= What to produce =
Every line in the data below that holds "Floors" should be found and copied.

= Records to process =
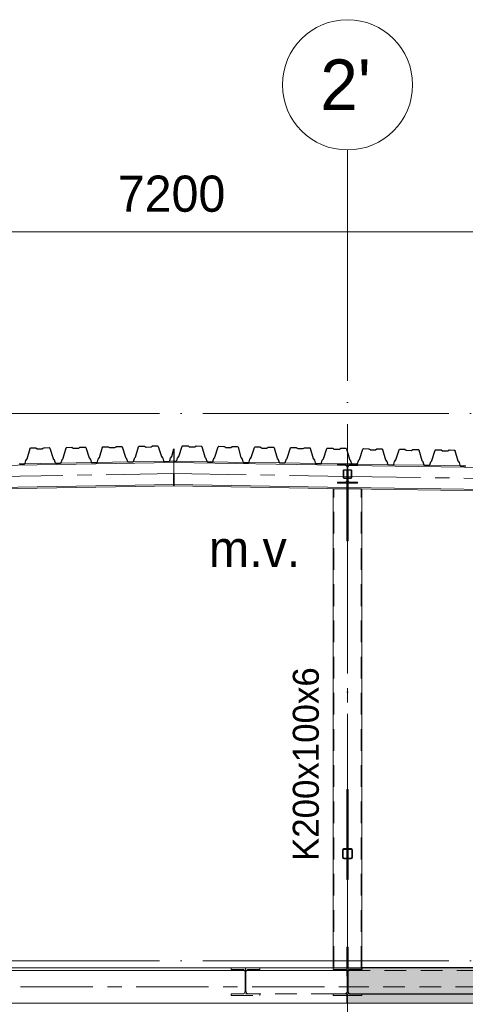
# Model space of a CAD drawing. Header units: millimetres. Extents: x 4517 to 474157, y -4632 to 9900.
# Tile 44 of 114: x 245386 to 248467, y 3099 to 9900. Entities that reach past the tile are written whole.
import ezdxf

# ---------------------------------------------------------------- set-up
doc = ezdxf.new("R2010")
doc.units = ezdxf.units.MM
for name, pattern in [('WSP_hartlijn', [800, 500, -100, 100, -100]), ('WSP_hhidden', [250, 150, -100]), ('WSP_stramienlijn', [2000, 1700, -150, 0, -150])]:
    doc.linetypes.add(name, pattern=pattern)
for name, color, linetype, lineweight in [('00_algemeen - hartlijn', 7, 'WSP_hartlijn', 13), ('00_algemeen - hhidden - 0_13mm', 7, 'WSP_hhidden', 13), ('00_maatvoering', 8, 'Continuous', 13), ('00_maatvoering-100', 8, 'Continuous', 13), ('00_text', 7, 'Continuous', 13), ('07_stramien', 4, 'Continuous', 13), ('07_stramien - levels', 7, 'Continuous', 13), ('23_vloeren', 2, 'Continuous', 18), ('23_vloeren - hatch', 1, 'Continuous', 18), ('23_vloeren -cut-', 3, 'Continuous', 25), ('28_hoofddraagconstructies - kolommen en liggers', 1, 'Continuous', 13), ('28_hoofddraagconstructies - kolommen en liggers - staal', 1, 'Continuous', 13), ('28_hoofddraagconstructies - kolommen en liggers - staal -cut-', 2, 'Continuous', 13), ('28_hoofddraagconstructies - tags', 7, 'Continuous', 18)]:
    doc.layers.add(name, color=color, linetype=linetype, lineweight=lineweight)
doc.styles.add('Revittext', font='txt', dxfattribs={"height": 250})
doc.styles.add('Revittext_1', font='txt', dxfattribs={"height": 180})
doc.styles.add('Revittext_2', font='txt', dxfattribs={"height": 350})
doc.dimstyles.new('WSP_25_-_transparant', dxfattribs={"dimscale": 304.8, "dimtxt": 252.223969, "dimasz": 1.312336, "dimexe": 0.656168, "dimexo": 0.0625, "dimgap": 0.213255, "dimtad": 1, "dimdec": 0, "dimzin": 0, "dimdsep": 46, "dimtxsty": 'Revittext', "dimblk1": 'DOTSMALL', "dimblk2": 'DOTSMALL', "dimsah": 1, "dimcen": 0.09, "dimdle": 0.656168, "dimazin": 0, "dimtfac": 1, "dimtdec": 4, "dimtix": 1, "dimtmove": 0, "dimatfit": 3, "dimfxl": 0.656168, "dimfxlon": 1, "dimtvp": 1, "dimtolj": 1, "dimtzin": 0, "dimarcsym": 2})

# ---------------------------------------------------------------- blocks, each defined once
blk = doc.blocks.new('28_WSP_SF_staal - RHS v18-0 - SHSC 70x70x5 - S275-1337801-as E')
at = {"layer": '28_hoofddraagconstructies - kolommen en liggers', "linetype": 'WSP_hhidden'}
h = blk.add_hatch(color=256, dxfattribs=at)
h.paths.add_polyline_path([(16975, 4104), (17025, 4104), (17032.1, 4106.9), (17035, 4114), (17035, 4164), (17030.6, 4171.7), (17025, 4174), (16975, 4174), (16967.9, 4171.1), (16965, 4164), (16965, 4114), (16967.9, 4106.9)])
h.paths.add_polyline_path([(16975, 4109), (16971.5, 4110.5), (16970, 4114), (16970, 4164), (16971.5, 4167.5), (16975, 4169), (17025, 4169), (17028.5, 4167.5), (17030, 4164), (17030, 4114), (17028.5, 4110.5), (17025, 4109)])
at = {"layer": '28_hoofddraagconstructies - kolommen en liggers - staal -cut-'}
for p, q in [((16965, 4164), (16965, 4114)), ((16970, 4114), (16970, 4164)), ((17025, 4174), (16975, 4174)), ((16975, 4169), (17025, 4169)), ((17030, 4164), (17030, 4114)), ((17035, 4114), (17035, 4164)), ((17025, 4109), (16975, 4109)), ((16975, 4104), (17025, 4104))]:
    blk.add_line(p, q, dxfattribs=at)
for centre, radius, start, end in [((16975, 4164), 10, 90, 180), ((16975, 4164), 5, 90, 180), ((17025, 4164), 10, 0, 90), ((17025, 4164), 5, 0, 90), ((16975, 4114), 10, 180, 270), ((16975, 4114), 5, 180, 270), ((17025, 4114), 10, 270, 0), ((17025, 4114), 5, 270, 0)]:
    blk.add_arc(centre, radius, start, end, dxfattribs=at)
blk = doc.blocks.new('28_WSP_SF_staal - HE v21-0 - HE180A-1334711-as E')
at = {"layer": '00_algemeen - hartlijn'}
blk.add_line((12932, 6717.3), (15801.4, 6764.5), dxfattribs=at)
blk = doc.blocks.new('28_WSP_SF_staal - HE v21-0 - HE260B S355-1384947-as E')
at = {"layer": '00_algemeen - hartlijn'}
blk.add_line((9940, 3220), (16996.8, 3220), dxfattribs=at)
at = {"layer": '28_hoofddraagconstructies - kolommen en liggers', "linetype": 'WSP_hhidden'}
blk.add_line((16996.8, 3220), (28920, 3220), dxfattribs=at)
blk = doc.blocks.new('28_WSP_SF_staal - HE v21-0 - HE180A-1315366-as E')
at = {"layer": '00_algemeen - hartlijn'}
for p, q in [((15798.8, 6764.5), (16995, 6745.6)), ((17005, 6745.4), (19044.2, 6713.1))]:
    blk.add_line(p, q, dxfattribs=at)
at = {"layer": '28_hoofddraagconstructies - kolommen en liggers', "linetype": 'WSP_hhidden'}
blk.add_line((16995, 6745.6), (17005, 6745.4), dxfattribs=at)
blk = doc.blocks.new('28_WSP_SC_staal - RHS v18-0 - RHSH 200x100x6 - S275-1336399-as E')
at = {"layer": '00_algemeen - hartlijn'}
for p, q in [((17000, 4583.4), (17000, 6299.1)), ((17000, 3494.1), (17000, 3961.3))]:
    blk.add_line(p, q, dxfattribs=at)
at = {"layer": '00_algemeen - hhidden - 0_13mm'}
for p, q in [((16906, 3350), (16906, 6658.4)), ((17094, 3350), (17094, 6658.4))]:
    blk.add_line(p, q, dxfattribs=at)
at = {"layer": '28_hoofddraagconstructies - kolommen en liggers', "linetype": 'WSP_hhidden'}
for p, q in [((17000, 6299.2), (17000, 6658.4)), ((17000, 3961.4), (17000, 4583.3)), ((17000, 3350), (17000, 3494))]:
    blk.add_line(p, q, dxfattribs=at)
blk = doc.blocks.new('28_WSP_SF_staal - STRIP v18-0 - RECT 80x10-1322159-as E')
at = {"layer": '28_hoofddraagconstructies - kolommen en liggers', "linetype": 'WSP_hhidden'}
blk.add_hatch(color=256, dxfattribs=at).paths.add_polyline_path([(17005, 6299.1), (17005, 6390.1), (16995, 6390.1), (16995, 6299.1)])
for p, q in [((16997.3, 6785.2), (17002.7, 6785.2)), ((16995, 6697.9), (16995, 6712.8)), ((17005, 6712.8), (17005, 6697.9))]:
    blk.add_line(p, q, dxfattribs=at)
at = {"layer": '28_hoofddraagconstructies - kolommen en liggers - staal'}
for p, q in [((16995, 6785.2), (16997.3, 6785.2)), ((16995, 6713), (16995, 6785.2)), ((17002.8, 6785.2), (17005, 6785.2)), ((17005, 6785.2), (17005, 6713)), ((16995, 6390.1), (16995, 6697.8)), ((17005, 6697.8), (17005, 6390.1))]:
    blk.add_line(p, q, dxfattribs=at)
at = {"layer": '28_hoofddraagconstructies - kolommen en liggers - staal -cut-'}
for p, q in [((16995, 6390.1), (16995, 6299.1)), ((17005, 6390.1), (16995, 6390.1)), ((17005, 6299.1), (17005, 6390.1)), ((16995, 6299.1), (17005, 6299.1))]:
    blk.add_line(p, q, dxfattribs=at)
blk = doc.blocks.new('28_WSP_SF_staal - STRIP v18-0 - RECT 80x10-1336395-as E')
at = {"layer": '28_hoofddraagconstructies - kolommen en liggers', "linetype": 'WSP_hhidden'}
blk.add_hatch(color=256, dxfattribs=at).paths.add_polyline_path([(17005, 4492.2), (17005, 4583.4), (16995, 4583.4), (16995, 4492.2)])
for p, q in [((16995, 4169), (16995, 4174)), ((17005, 4169), (17005, 4174)), ((17005, 4136.9), (16995, 4136.9))]:
    blk.add_line(p, q, dxfattribs=at)
at = {"layer": '28_hoofddraagconstructies - kolommen en liggers - staal'}
for p, q in [((16995, 4174), (16995, 4492.2)), ((17005, 4174), (17005, 4492.2)), ((16995, 4148.4), (16995, 4169)), ((17005, 4148.4), (17005, 4169))]:
    blk.add_line(p, q, dxfattribs=at)
at = {"layer": '28_hoofddraagconstructies - kolommen en liggers - staal -cut-'}
for p, q in [((16995, 4583.4), (16995, 4492.2)), ((17005, 4583.4), (16995, 4583.4)), ((17005, 4492.2), (17005, 4583.4)), ((16995, 4492.2), (17005, 4492.2))]:
    blk.add_line(p, q, dxfattribs=at)
blk = doc.blocks.new('28_WSP_SF_staal - STRIP v18-0 - RECT 80x10-1336397-as E')
at = {"layer": '28_hoofddraagconstructies - kolommen en liggers', "linetype": 'WSP_hhidden'}
blk.add_hatch(color=256, dxfattribs=at).paths.add_polyline_path([(17005, 3961.3), (17005, 4042.4), (16995, 4042.4), (16995, 3961.3)])
for p, q in [((16995, 4155.9), (17005, 4155.9)), ((16995, 4104), (16995, 4109)), ((17005, 4109), (17005, 4104))]:
    blk.add_line(p, q, dxfattribs=at)
at = {"layer": '28_hoofddraagconstructies - kolommen en liggers - staal'}
for p, q in [((16995, 4109), (16995, 4148.4)), ((16995, 4042.4), (16995, 4104)), ((17005, 4148.4), (17005, 4109)), ((17005, 4104), (17005, 4042.4))]:
    blk.add_line(p, q, dxfattribs=at)
at = {"layer": '28_hoofddraagconstructies - kolommen en liggers - staal -cut-'}
for p, q in [((16995, 4042.4), (16995, 3961.3)), ((17005, 4042.4), (16995, 4042.4)), ((17005, 3961.3), (17005, 4042.4)), ((16995, 3961.3), (17005, 3961.3))]:
    blk.add_line(p, q, dxfattribs=at)
blk = doc.blocks.new('28_WSP_SF_staal - STRIP v18-0 - RECT 80x10-1337803-as E')
at = {"layer": '28_hoofddraagconstructies - kolommen en liggers', "linetype": 'WSP_hhidden'}
blk.add_hatch(color=256, dxfattribs=at).paths.add_polyline_path([(17005, 3412.8), (17005, 3494.1), (16995, 3494.1), (16995, 3412.8)])
for p, q in [((16995, 3326.4), (16995, 3350)), ((17005, 3326.4), (17005, 3350)), ((17005, 3293), (16996.8, 3293)), ((17005, 3293), (17005, 3326.1))]:
    blk.add_line(p, q, dxfattribs=at)
at = {"layer": '28_hoofddraagconstructies - kolommen en liggers - staal'}
for p, q in [((16995, 3350), (16995, 3412.8)), ((17005, 3350), (17005, 3412.8)), ((16995, 3293), (16995, 3326.1)), ((16996.8, 3293), (16995, 3293))]:
    blk.add_line(p, q, dxfattribs=at)
at = {"layer": '28_hoofddraagconstructies - kolommen en liggers - staal -cut-'}
for p, q in [((16995, 3494.1), (16995, 3412.8)), ((17005, 3494.1), (16995, 3494.1)), ((17005, 3412.8), (17005, 3494.1)), ((16995, 3412.8), (17005, 3412.8))]:
    blk.add_line(p, q, dxfattribs=at)
blk = doc.blocks.new('28_WSP_SF_staal - HE v21-0 - HE140A-1315377-as E')
at = {"layer": '28_hoofddraagconstructies - kolommen en liggers', "linetype": 'WSP_hhidden'}
blk.add_hatch(color=256, dxfattribs=at).paths.add_polyline_path([(16930, 6697.8), (17070, 6697.8), (17070, 6706.3), (17014.8, 6706.3), (17006.3, 6709.8), (17002.8, 6718.3), (17002.8, 6810.3), (17006.3, 6818.8), (17014.8, 6822.3), (17070, 6822.3), (17070, 6830.8), (16930, 6830.8), (16930, 6822.3), (16985.2, 6822.3), (16993.7, 6818.8), (16997.3, 6810.3), (16997.3, 6718.3), (16993.7, 6709.8), (16985.2, 6706.3), (16930, 6706.3)])
at = {"layer": '00_algemeen - hartlijn'}
blk.add_line((17000, 6831), (17000, 6830.8), dxfattribs=at)
at = {"layer": '28_hoofddraagconstructies - kolommen en liggers', "linetype": 'WSP_hhidden'}
for p, q in [((16930, 6830.8), (16930, 6831)), ((17000, 6831), (17000, 6830.8)), ((17070, 6831), (17070, 6830.8)), ((16930, 6706.5), (16930, 6706.3)), ((17070, 6706.5), (17070, 6706.3))]:
    blk.add_line(p, q, dxfattribs=at)
at = {"layer": '28_hoofddraagconstructies - kolommen en liggers - staal'}
for p, q in [((16930, 6831), (17030.3, 6831)), ((16930, 6830.8), (16930, 6831)), ((17030.6, 6831), (17070, 6831)), ((17070, 6831), (17070, 6830.8)), ((16930, 6706.5), (16985.2, 6706.5)), ((16930, 6706.5), (16930, 6706.3)), ((17014.8, 6706.5), (17070, 6706.5)), ((17070, 6706.5), (17070, 6706.3))]:
    blk.add_line(p, q, dxfattribs=at)
at = {"layer": '28_hoofddraagconstructies - kolommen en liggers - staal -cut-'}
for p, q in [((16930, 6830.8), (16930, 6822.3)), ((17070, 6830.8), (16930, 6830.8)), ((16930, 6822.3), (16985.2, 6822.3)), ((16997.3, 6810.3), (16997.3, 6718.3)), ((17002.8, 6718.3), (17002.8, 6810.3)), ((17014.8, 6822.3), (17070, 6822.3)), ((17070, 6822.3), (17070, 6830.8)), ((16985.2, 6706.3), (16930, 6706.3)), ((16930, 6706.3), (16930, 6697.8)), ((16930, 6697.8), (17070, 6697.8)), ((17070, 6706.3), (17014.8, 6706.3)), ((17070, 6697.8), (17070, 6706.3))]:
    blk.add_line(p, q, dxfattribs=at)
for centre, start, end in [((16985.2, 6810.3), 360, 90), ((17014.8, 6810.3), 90, 180), ((16985.2, 6718.3), 270, 0), ((17014.8, 6718.3), 180, 270)]:
    blk.add_arc(centre, 12, start, end, dxfattribs=at)
blk = doc.blocks.new('28_WSP_SF_staal - RHS v18-0 - SHSC 60x60x4 - S275-1328997-as E')
at = {"layer": '28_hoofddraagconstructies - kolommen en liggers', "linetype": 'WSP_hhidden'}
for p, q in [((16970, 6783.6), (16970, 6739.6)), ((16974, 6739.6), (16974, 6783.6)), ((17022, 6791.6), (16978, 6791.6)), ((16978, 6787.6), (17022, 6787.6)), ((17022, 6735.6), (16978, 6735.6)), ((17000, 6791.6), (17000, 6792.4)), ((17026, 6783.6), (17026, 6739.6)), ((17030, 6739.6), (17030, 6783.6)), ((16978, 6731.6), (17022, 6731.6))]:
    blk.add_line(p, q, dxfattribs=at)
for centre, major_axis, start_param, end_param in [((16978, 6783.6), (8, 0), 1.570796, 3.141593), ((16978, 6739.6), (8, 0), 3.141593, 4.712389), ((16978, 6783.6), (4, 0), 1.570796, 3.141593), ((16978, 6739.6), (4, 0), 3.141593, 4.712389), ((17022, 6783.6), (8, 0), 0, 1.570796), ((17022, 6783.6), (4, 0), 0, 1.570796), ((17022, 6739.6), (8, 0), 4.712389, 6.283185), ((17022, 6739.6), (4, 0), 4.712389, 6.283185)]:
    blk.add_ellipse(centre, major_axis=major_axis, ratio=0.999999, start_param=start_param, end_param=end_param, dxfattribs=at)
at = {"layer": '28_hoofddraagconstructies - kolommen en liggers - staal'}
for p, q in [((16970, 6788.1), (16970, 6783.6)), ((17030, 6783.6), (17030, 6788.1))]:
    blk.add_line(p, q, dxfattribs=at)
blk = doc.blocks.new('Floors 5 - Floors 5-1342812-as E')
at = {"layer": '23_vloeren', "linetype": 'WSP_hhidden', "lineweight": 13}
for p, q in [((17000, 3131.5), (17000, 3170)), ((17000, 3107.5), (17000, 3131.5))]:
    blk.add_line(p, q, dxfattribs=at)
blk = doc.blocks.new('Floors 7 - Floors 7-1343910-as E')
at = {"layer": '23_vloeren - hatch', "linetype": 'WSP_hhidden', "lineweight": 13}
blk.add_hatch(color=256, dxfattribs=at).paths.add_polyline_path([(16995, 3107.5), (28995, 3107.5), (28995, 3170), (17100, 3170), (17100, 3160), (16995, 3160), (16995, 3145.4)])
at = {"layer": '23_vloeren', "linetype": 'WSP_hhidden', "lineweight": 13}
for p in [(16995, 3160), (17021.3, 3170)]:
    blk.add_line(p, (16995, 3170), dxfattribs=at)
at = {"layer": '23_vloeren'}
for p, q in [((16995, 3107.5), (16995, 3160)), ((28995, 3107.5), (16995, 3107.5))]:
    blk.add_line(p, q, dxfattribs=at)
blk = doc.blocks.new('DIMBLOCK69-as E')
at = {"layer": '00_maatvoering-100'}
h = blk.add_hatch(color=256, dxfattribs=at)
edge = h.paths.add_edge_path()
edge.add_arc((242852.3, 8434.4), 50, 0, 360)
h = blk.add_hatch(color=256, dxfattribs=at)
edge = h.paths.add_edge_path()
edge.add_arc((250052.3, 8434.4), 50, 0, 360)
for p, q in [((242852.3, 8634.4), (242852.3, 8234.4)), ((242852.3, 8434.4), (242852.3, 8634.4)), ((250052.3, 8634.4), (250052.3, 8234.4)), ((250052.3, 8434.4), (250052.3, 8634.4)), ((242852.3, 8434.4), (250052.3, 8434.4))]:
    blk.add_line(p, q, dxfattribs=at)
for centre in [(242852.3, 8434.4), (250052.3, 8434.4)]:
    blk.add_circle(centre, 50, dxfattribs=at)
at = {"layer": '00_maatvoering-100', "color": 0, "insert": (246064.2, 8823.2), "char_height": 250, "width": 931.288, "attachment_point": 1, "line_spacing_factor": 0.931288, "style": 'Revittext'}
blk.add_mtext('7200', dxfattribs=at)
blk = doc.blocks.new('_DotSmall')
at = {"color": 0, "linetype": 'ByBlock', "const_width": 0.5}
blk.add_lwpolyline([(-0.0625, 0, 1), (0.0625, 0, 1)], format="xyb", close=True, dxfattribs=at)
blk = doc.blocks.new('Grid - Stramienbol 9_0mm-3500-as E')
at = {"layer": '07_stramien'}
blk.add_circle((5000, 9450), 450, dxfattribs=at)

msp = doc.modelspace()

# ---------------------------------------------------------------- hatches: boundary and pattern name
at = {"layer": '23_vloeren - hatch'}
h = msp.add_hatch(color=256, dxfattribs=at)
h.paths.add_polyline_path([(247994.7, 3170), (259572.3, 3170), (259572.3, 3350), (247752.3, 3350), (247752.3, 3340), (247673.5, 3340), (247660.4, 3333.9), (247655.5, 3322), (247655.5, 3188), (247660.8, 3175.3), (247673.5, 3170), (247786.8, 3170)])
h.paths.add_polyline_path([(233649.9, 3170), (240522.3, 3170), (240522.3, 3217), (240452.3, 3217), (240452.3, 3225.5), (240507.5, 3225.5), (240516, 3229), (240519.5, 3239.6), (240519.5, 3329.5), (240516, 3338), (240507.5, 3341.5), (240452.3, 3341.5), (240452.3, 3350), (233512.3, 3350), (233512.3, 3170)])
at = {"layer": '28_hoofddraagconstructies - kolommen en liggers - staal'}
msp.add_hatch(color=256, dxfattribs=at).paths.add_polyline_path([(247552.3, 3160), (247752.3, 3160), (247752.3, 3170), (247673.5, 3170), (247660.8, 3175.3), (247655.5, 3188), (247655.5, 3322), (247660.8, 3334.7), (247673.5, 3340), (247752.3, 3340), (247752.3, 3350), (247552.3, 3350), (247552.3, 3340), (247631, 3340), (247644.1, 3333.9), (247649, 3322), (247649, 3188), (247643.8, 3175.3), (247631, 3170), (247552.3, 3170)])

# ---------------------------------------------------------------- linework, layer by layer
at = {"layer": '07_stramien', "linetype": 'WSP_stramienlijn'}
msp.add_line((247652.3, -4594.5), (247652.3, 9000), dxfattribs=at)
at = {"layer": '07_stramien - levels', "linetype": 'WSP_stramienlijn'}
for p, q in [((228652.3, 7180), (285868.6, 7180)), ((228652.3, 3400), (285868.6, 3400))]:
    msp.add_line(p, q, dxfattribs=at)
at = {"layer": '23_vloeren', "linetype": 'WSP_hhidden', "lineweight": 13}
for p, q in [((246947.3, 3350), (246947.3, 3170)), ((247652.3, 3332.5), (247652.3, 3170)), ((247552.2, 3170), (246947.3, 3170)), ((247647.2, 3170), (247631.1, 3170))]:
    msp.add_line(p, q, dxfattribs=at)
for centre, start, end in [((247673.5, 3322), 144.31467, 180), ((247673.5, 3188), 180.61187, 268.78673)]:
    msp.add_arc(centre, 18, start, end, dxfattribs=at)
at = {"layer": '23_vloeren -cut-'}
for p, q in [((245437, 6866.6), (245457.6, 6938.1)), ((245457.6, 6938.1), (245459.4, 6940.7)), ((245459.4, 6940.7), (245462.3, 6941.8)), ((245462.3, 6941.8), (245496.2, 6942.3)), ((245496.2, 6942.3), (245497.6, 6942.1)), ((245497.6, 6942.1), (245498.9, 6941.5)), ((245498.9, 6941.5), (245507, 6936.3)), ((245544.6, 6937), (245552.5, 6942.4)), ((245552.5, 6942.4), (245553.8, 6943)), ((245553.8, 6943), (245555.2, 6943.3)), ((245555.2, 6943.3), (245589.1, 6943.8)), ((245589.1, 6943.8), (245592.1, 6942.9)), ((245592.1, 6942.9), (245593.9, 6940.4)), ((245593.9, 6940.4), (245616.9, 6869.5)), ((245686.9, 6870.7), (245707.6, 6942.2)), ((245707.6, 6942.2), (245709.3, 6944.8)), ((245709.3, 6944.8), (245712.3, 6945.9)), ((245712.3, 6945.9), (245746.1, 6946.4)), ((245746.1, 6946.4), (245747.6, 6946.2)), ((245747.6, 6946.2), (245748.9, 6945.6)), ((245748.9, 6945.6), (245757, 6940.4)), ((245757, 6940.4), (245758.3, 6939.8)), ((245758.3, 6939.8), (245759.7, 6939.7)), ((245759.7, 6939.7), (245791.8, 6940.2)), ((245791.8, 6940.2), (245793.2, 6940.4)), ((245793.2, 6940.4), (245794.6, 6941.1)), ((245794.6, 6941.1), (245802.4, 6946.5)), ((245802.4, 6946.5), (245803.7, 6947.1)), ((245803.7, 6947.1), (245805.2, 6947.4)), ((245805.2, 6947.4), (245839, 6947.9)), ((245839, 6947.9), (245842, 6947)), ((245842, 6947), (245843.9, 6944.5)), ((245843.9, 6944.5), (245866.8, 6873.6)), ((245936.9, 6874.8), (245957.5, 6946.3)), ((245957.5, 6946.3), (245959.3, 6948.9)), ((245959.3, 6948.9), (245962.2, 6950)), ((245962.2, 6950), (245996.1, 6950.5)), ((245996.1, 6950.5), (245997.5, 6950.3)), ((245997.5, 6950.3), (245998.9, 6949.7)), ((245998.9, 6949.7), (246006.9, 6944.6)), ((246006.9, 6944.6), (246008.3, 6943.9)), ((246008.3, 6943.9), (246009.7, 6943.8)), ((246009.7, 6943.8), (246041.8, 6944.3)), ((246041.8, 6944.3), (246043.2, 6944.5)), ((246043.2, 6944.5), (246044.5, 6945.2)), ((246044.5, 6945.2), (246052.4, 6950.6)), ((246052.4, 6950.6), (246053.7, 6951.2)), ((246053.7, 6951.2), (246055.2, 6951.5)), ((246055.2, 6951.5), (246089, 6952)), ((246089, 6952), (246092, 6951.1)), ((246092, 6951.1), (246093.8, 6948.6)), ((246093.8, 6948.6), (246116.8, 6877.7)), ((246186.9, 6878.9), (246207.5, 6950.4)), ((246207.5, 6950.4), (246209.3, 6953)), ((246209.3, 6953), (246212.2, 6954.1)), ((246212.2, 6954.1), (246246.1, 6954.6)), ((246246.1, 6954.6), (246247.5, 6954.4)), ((246247.5, 6954.4), (246248.8, 6953.8)), ((246248.8, 6953.8), (246256.9, 6948.7)), ((246256.9, 6948.7), (246258.2, 6948)), ((246258.2, 6948), (246259.7, 6947.9)), ((246259.7, 6947.9), (246291.7, 6948.4)), ((246291.7, 6948.4), (246293.2, 6948.6)), ((246293.2, 6948.6), (246294.5, 6949.3)), ((246294.5, 6949.3), (246302.4, 6954.7)), ((246302.4, 6954.7), (246303.7, 6955.3)), ((246303.7, 6955.3), (246305.1, 6955.6)), ((246305.1, 6955.6), (246339, 6956.1)), ((246339, 6956.1), (246341.9, 6955.2)), ((246341.9, 6955.2), (246343.8, 6952.7)), ((246343.8, 6952.7), (246366.8, 6881.8)), ((246486.1, 6882.7), (246509.1, 6953.6)), ((246509.1, 6953.6), (246510.9, 6956.1)), ((246510.9, 6956.1), (246513.9, 6957)), ((246513.9, 6957), (246547.7, 6956.5)), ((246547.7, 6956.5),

= Result of this exercise =
blk = doc.blocks.new('Floors 5 - Floors 5-1342812-as E')
blk = doc.blocks.new('Floors 7 - Floors 7-1343910-as E')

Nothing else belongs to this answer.